The data was structured and formatted well enough to make using a SQL relational database a good fit;
It is also an easily queryable star schema;
Postgres is fast and robust.

## how often the data should be updated and the rationale
1. fact_immigration needs to be updated monthly when each new dataset is available
2. with a header file, all dim_ tables source from the immigration data can be dropped and recreated completely as above
3. dim_city and dim_state don't have a time component now. If new data is available in the future they should be updated at that time, ideally with date columns, at least by year
4. dim_date should be kept up to date. To be safe all dates between through 12/31/2099 should be added

## how I would approach the problem differently under the following scenarios:
 * The data was increased by 100x.
---convert the fact_immigration data to a format readable by Redshift Spectrum and land the data to S3, partitioned by date, and create an external schema so Redshift Spectrum could read it in a schema-on-read fashion.

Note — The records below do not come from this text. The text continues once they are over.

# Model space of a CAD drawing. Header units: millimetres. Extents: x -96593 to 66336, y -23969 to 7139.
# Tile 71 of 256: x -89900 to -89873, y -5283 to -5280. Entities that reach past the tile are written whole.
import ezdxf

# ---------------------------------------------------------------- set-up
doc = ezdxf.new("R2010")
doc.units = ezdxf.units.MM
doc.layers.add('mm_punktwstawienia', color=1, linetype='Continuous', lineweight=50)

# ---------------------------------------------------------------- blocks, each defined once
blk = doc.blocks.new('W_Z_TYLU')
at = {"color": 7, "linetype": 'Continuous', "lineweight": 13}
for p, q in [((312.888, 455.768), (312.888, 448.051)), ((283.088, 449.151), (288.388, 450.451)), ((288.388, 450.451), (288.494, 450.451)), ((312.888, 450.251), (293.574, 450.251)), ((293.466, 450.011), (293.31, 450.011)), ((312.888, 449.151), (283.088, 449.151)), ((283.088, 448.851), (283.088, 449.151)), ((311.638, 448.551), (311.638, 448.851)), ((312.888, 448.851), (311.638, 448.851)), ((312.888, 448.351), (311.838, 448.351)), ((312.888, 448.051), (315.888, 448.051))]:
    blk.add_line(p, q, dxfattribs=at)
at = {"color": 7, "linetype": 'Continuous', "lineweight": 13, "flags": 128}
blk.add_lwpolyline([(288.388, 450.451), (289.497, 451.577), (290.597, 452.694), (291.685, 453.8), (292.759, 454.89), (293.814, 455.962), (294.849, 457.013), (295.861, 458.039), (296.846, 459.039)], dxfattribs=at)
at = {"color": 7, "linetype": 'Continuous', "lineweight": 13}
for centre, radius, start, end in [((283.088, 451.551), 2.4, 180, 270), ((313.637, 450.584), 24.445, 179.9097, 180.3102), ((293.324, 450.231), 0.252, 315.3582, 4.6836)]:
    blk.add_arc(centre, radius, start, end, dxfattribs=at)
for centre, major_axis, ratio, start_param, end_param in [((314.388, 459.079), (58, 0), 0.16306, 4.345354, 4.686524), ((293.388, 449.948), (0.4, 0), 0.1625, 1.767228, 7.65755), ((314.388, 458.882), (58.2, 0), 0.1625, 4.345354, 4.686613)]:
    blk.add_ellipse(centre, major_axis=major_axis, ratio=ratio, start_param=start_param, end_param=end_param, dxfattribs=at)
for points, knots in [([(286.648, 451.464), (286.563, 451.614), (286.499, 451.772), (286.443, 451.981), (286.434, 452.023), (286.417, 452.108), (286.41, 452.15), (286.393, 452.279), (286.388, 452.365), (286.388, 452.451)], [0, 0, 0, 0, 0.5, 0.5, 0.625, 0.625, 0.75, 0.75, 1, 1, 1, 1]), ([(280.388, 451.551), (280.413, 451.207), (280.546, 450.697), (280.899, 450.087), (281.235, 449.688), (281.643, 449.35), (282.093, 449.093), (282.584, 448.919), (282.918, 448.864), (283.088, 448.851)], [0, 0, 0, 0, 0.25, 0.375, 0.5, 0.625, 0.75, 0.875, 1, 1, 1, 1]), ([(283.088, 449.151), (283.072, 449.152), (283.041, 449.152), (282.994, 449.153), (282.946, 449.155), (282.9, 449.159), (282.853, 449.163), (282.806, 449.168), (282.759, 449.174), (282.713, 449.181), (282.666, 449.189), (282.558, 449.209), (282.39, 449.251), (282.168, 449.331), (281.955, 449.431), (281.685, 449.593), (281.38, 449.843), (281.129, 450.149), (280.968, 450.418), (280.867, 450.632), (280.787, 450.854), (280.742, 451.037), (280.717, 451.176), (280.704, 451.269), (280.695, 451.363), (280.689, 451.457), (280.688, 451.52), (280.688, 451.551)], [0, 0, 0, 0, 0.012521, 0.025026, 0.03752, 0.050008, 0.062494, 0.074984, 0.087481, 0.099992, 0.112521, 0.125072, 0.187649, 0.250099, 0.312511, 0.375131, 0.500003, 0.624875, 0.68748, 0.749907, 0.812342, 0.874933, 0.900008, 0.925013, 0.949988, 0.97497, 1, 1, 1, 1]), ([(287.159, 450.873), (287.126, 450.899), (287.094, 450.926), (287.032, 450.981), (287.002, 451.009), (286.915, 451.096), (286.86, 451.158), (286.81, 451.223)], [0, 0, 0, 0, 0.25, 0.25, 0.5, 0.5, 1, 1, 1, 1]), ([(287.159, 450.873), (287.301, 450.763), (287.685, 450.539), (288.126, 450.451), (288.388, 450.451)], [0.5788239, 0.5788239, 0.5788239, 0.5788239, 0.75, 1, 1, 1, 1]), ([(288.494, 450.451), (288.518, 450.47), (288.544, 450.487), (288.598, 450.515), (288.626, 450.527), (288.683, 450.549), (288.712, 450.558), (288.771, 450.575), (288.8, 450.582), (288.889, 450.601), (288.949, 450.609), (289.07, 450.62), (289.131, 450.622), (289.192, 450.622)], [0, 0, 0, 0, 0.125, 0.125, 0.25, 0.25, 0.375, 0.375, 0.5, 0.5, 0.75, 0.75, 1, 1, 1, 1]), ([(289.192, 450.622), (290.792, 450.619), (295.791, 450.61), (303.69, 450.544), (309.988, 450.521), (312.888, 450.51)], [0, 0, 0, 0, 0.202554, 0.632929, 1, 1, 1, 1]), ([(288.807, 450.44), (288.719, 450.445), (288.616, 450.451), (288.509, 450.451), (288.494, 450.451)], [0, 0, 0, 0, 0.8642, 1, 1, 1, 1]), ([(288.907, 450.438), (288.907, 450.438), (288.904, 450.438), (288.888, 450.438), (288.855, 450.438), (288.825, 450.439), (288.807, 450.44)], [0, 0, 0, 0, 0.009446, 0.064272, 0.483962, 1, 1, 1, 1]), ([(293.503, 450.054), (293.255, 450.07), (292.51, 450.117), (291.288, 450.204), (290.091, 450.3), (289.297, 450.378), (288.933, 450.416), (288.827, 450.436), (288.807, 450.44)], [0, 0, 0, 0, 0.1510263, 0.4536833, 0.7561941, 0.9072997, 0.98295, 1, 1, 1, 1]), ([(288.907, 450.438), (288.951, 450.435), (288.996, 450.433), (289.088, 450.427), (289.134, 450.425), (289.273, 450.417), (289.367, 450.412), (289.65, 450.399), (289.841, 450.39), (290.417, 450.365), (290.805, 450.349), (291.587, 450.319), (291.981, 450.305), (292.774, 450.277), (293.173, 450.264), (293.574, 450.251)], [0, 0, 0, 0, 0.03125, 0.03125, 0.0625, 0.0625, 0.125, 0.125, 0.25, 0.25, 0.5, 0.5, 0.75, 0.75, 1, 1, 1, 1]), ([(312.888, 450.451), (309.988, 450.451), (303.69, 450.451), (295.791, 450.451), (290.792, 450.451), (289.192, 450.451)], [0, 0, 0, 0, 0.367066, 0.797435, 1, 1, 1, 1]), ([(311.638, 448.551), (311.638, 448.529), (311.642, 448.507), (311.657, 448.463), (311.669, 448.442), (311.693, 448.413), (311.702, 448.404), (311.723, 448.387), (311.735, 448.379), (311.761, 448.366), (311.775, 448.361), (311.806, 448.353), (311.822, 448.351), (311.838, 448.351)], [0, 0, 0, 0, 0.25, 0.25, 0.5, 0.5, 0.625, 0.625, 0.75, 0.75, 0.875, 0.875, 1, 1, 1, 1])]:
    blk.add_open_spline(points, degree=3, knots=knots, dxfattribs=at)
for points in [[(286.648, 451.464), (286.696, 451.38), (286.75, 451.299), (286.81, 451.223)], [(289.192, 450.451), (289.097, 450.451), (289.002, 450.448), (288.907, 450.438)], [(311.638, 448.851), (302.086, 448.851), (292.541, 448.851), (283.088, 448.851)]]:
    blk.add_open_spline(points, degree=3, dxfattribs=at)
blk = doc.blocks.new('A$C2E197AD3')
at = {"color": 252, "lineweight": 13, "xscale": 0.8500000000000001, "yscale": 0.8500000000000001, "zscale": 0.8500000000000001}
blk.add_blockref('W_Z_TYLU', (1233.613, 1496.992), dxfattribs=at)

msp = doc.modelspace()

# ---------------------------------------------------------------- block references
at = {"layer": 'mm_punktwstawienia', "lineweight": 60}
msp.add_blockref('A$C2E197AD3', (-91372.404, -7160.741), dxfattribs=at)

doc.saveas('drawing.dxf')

 * The data populates a dashboard that must be updated on a daily basis by 7am every day.
---build an Airflow DAG using a S3Sensor that kicked off upon its arrival and then proceeded to parse the data, land it in its date-partitioned location in S3, in which case it would be ready for Redshift Spectrum to read immediately. 
 * The database needed to be accessed by 100+ people.
---have the data replicate to different nodes used by different users. If the users are located around the world, a replication node near each group of people would be best.